The Woolworths Lolita Bed, And More Horrors

Following neatly along from the "provocative schoolgirl" used in the Ryanair advert come Woolworths, who yesterday withdrew bedroom furniture for young girls which was being marketed under the brand name "Lolita".

With breathtaking idiocy, this marketing strategy takes us into the same realms of the lack of corporate responsibility as previously demonstrated this week by that worst of budget airlines.
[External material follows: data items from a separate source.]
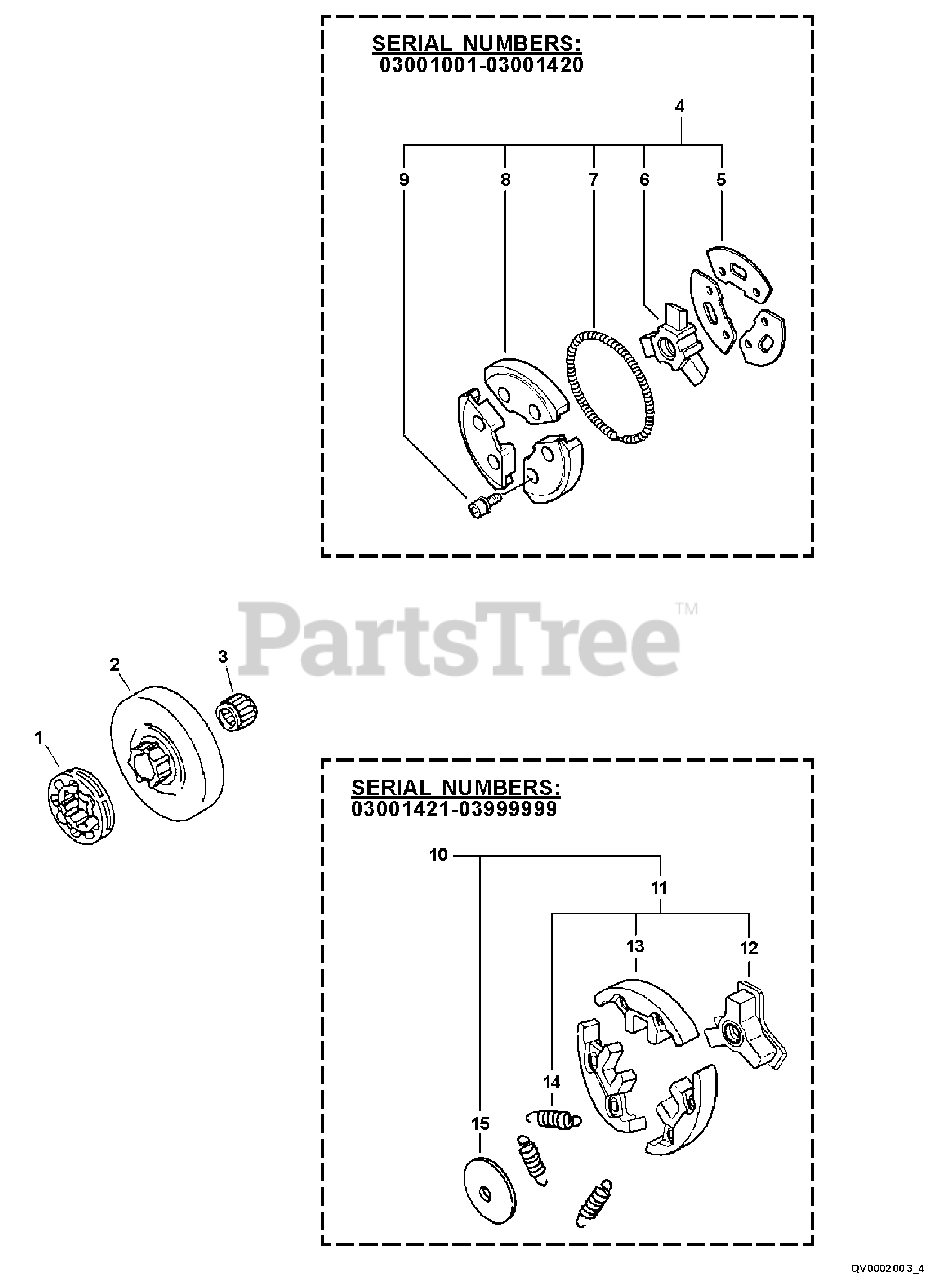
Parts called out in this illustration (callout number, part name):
1	SPROCKET, RIM 3/8"×7T
2	DRUM, CLUTCH
3	BEARING, NEEDLE
4	CLUTCH ASSY
5	PLATE, CLUTCH
6	HUB, CLUTCH
7	SPRING, TENSION
8	CLUTCH SHOE SET
9	BOLT 4×6
10	CLUTCH ASSY
11	CLUTCH ASSY
12	HUB, CLUTCH
13	SHOE SET, CLUTCH (3PCS)
14	SPRING, TENSION
15	PLATE, CLUTCH
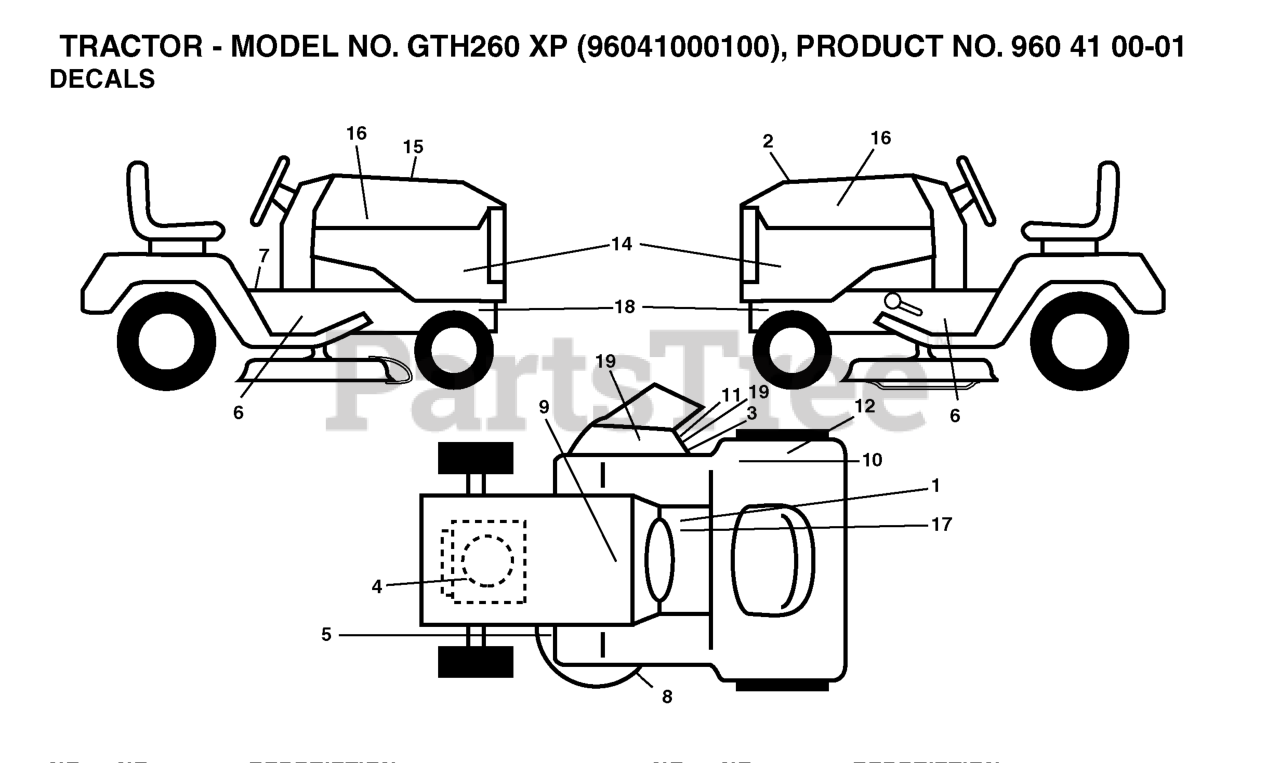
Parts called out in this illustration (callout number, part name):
1	DECAL
2	DECAL.HOOD.TOP.INSERT.
3	DECAL, DEFLECT WARNING
4	DECAL
5	DECAL
7	LABEL
8	DECAL.MOWER.SCH.48/54
9	DECAL BTRY SYMBOLS
10	DECAL.FENDER
11	DECAL.INTERNATIONL.CUTFINGER
12	DECAL
16	DECAL.HOOD.NAMELOGO.HUSQ
17	DECAL PARK BRAKE

The company claimed,"What seems to have happened is the staff who run the website had never heard of Lolita, and to be honest no one else here had either. We had to look it up on Wikipedia. But we certainly know who she is now."

Whether citing the cultural ignorance of their staff is sufficient defense remains to be seen, but further investigation reveals other companies also selling dubious items - high street retailers WH Smith selling children's stationery branded "Playboy", BHS selling "adult" underwear, i.e. thongs and padded bras, and leading supermarket Tesco selling a pole dancing kit for young girls, withdrawn from sale in 2006.

As my friend Sizemore said, with just a touch of the sardonic, why stop there? Let's start marketing penis enhancement pumps to young boys, because, after all, young girls don't have a monopoly on vulnerability.

Such a focus on the very young seems to be a developing trend during this final, sickest phase of the post-Cold war period. The triumph of capitalism over idealism has put Mammon in place of aspiration, and the unchallenged markets are seen as a de facto international legislature, totally replacing concepts of social cohesion, accountability or ordinary human morality.

Watching the Cash Machine's excesses become ever more blatant, as endless scientifically determined detail is applied to extracting pitifully small amounts of cash from the mass underclasses, one can only hope that natural revulsion might be eventually translated into concerted, active resistance by those of us clinging to the vestiges of an alternative way of living.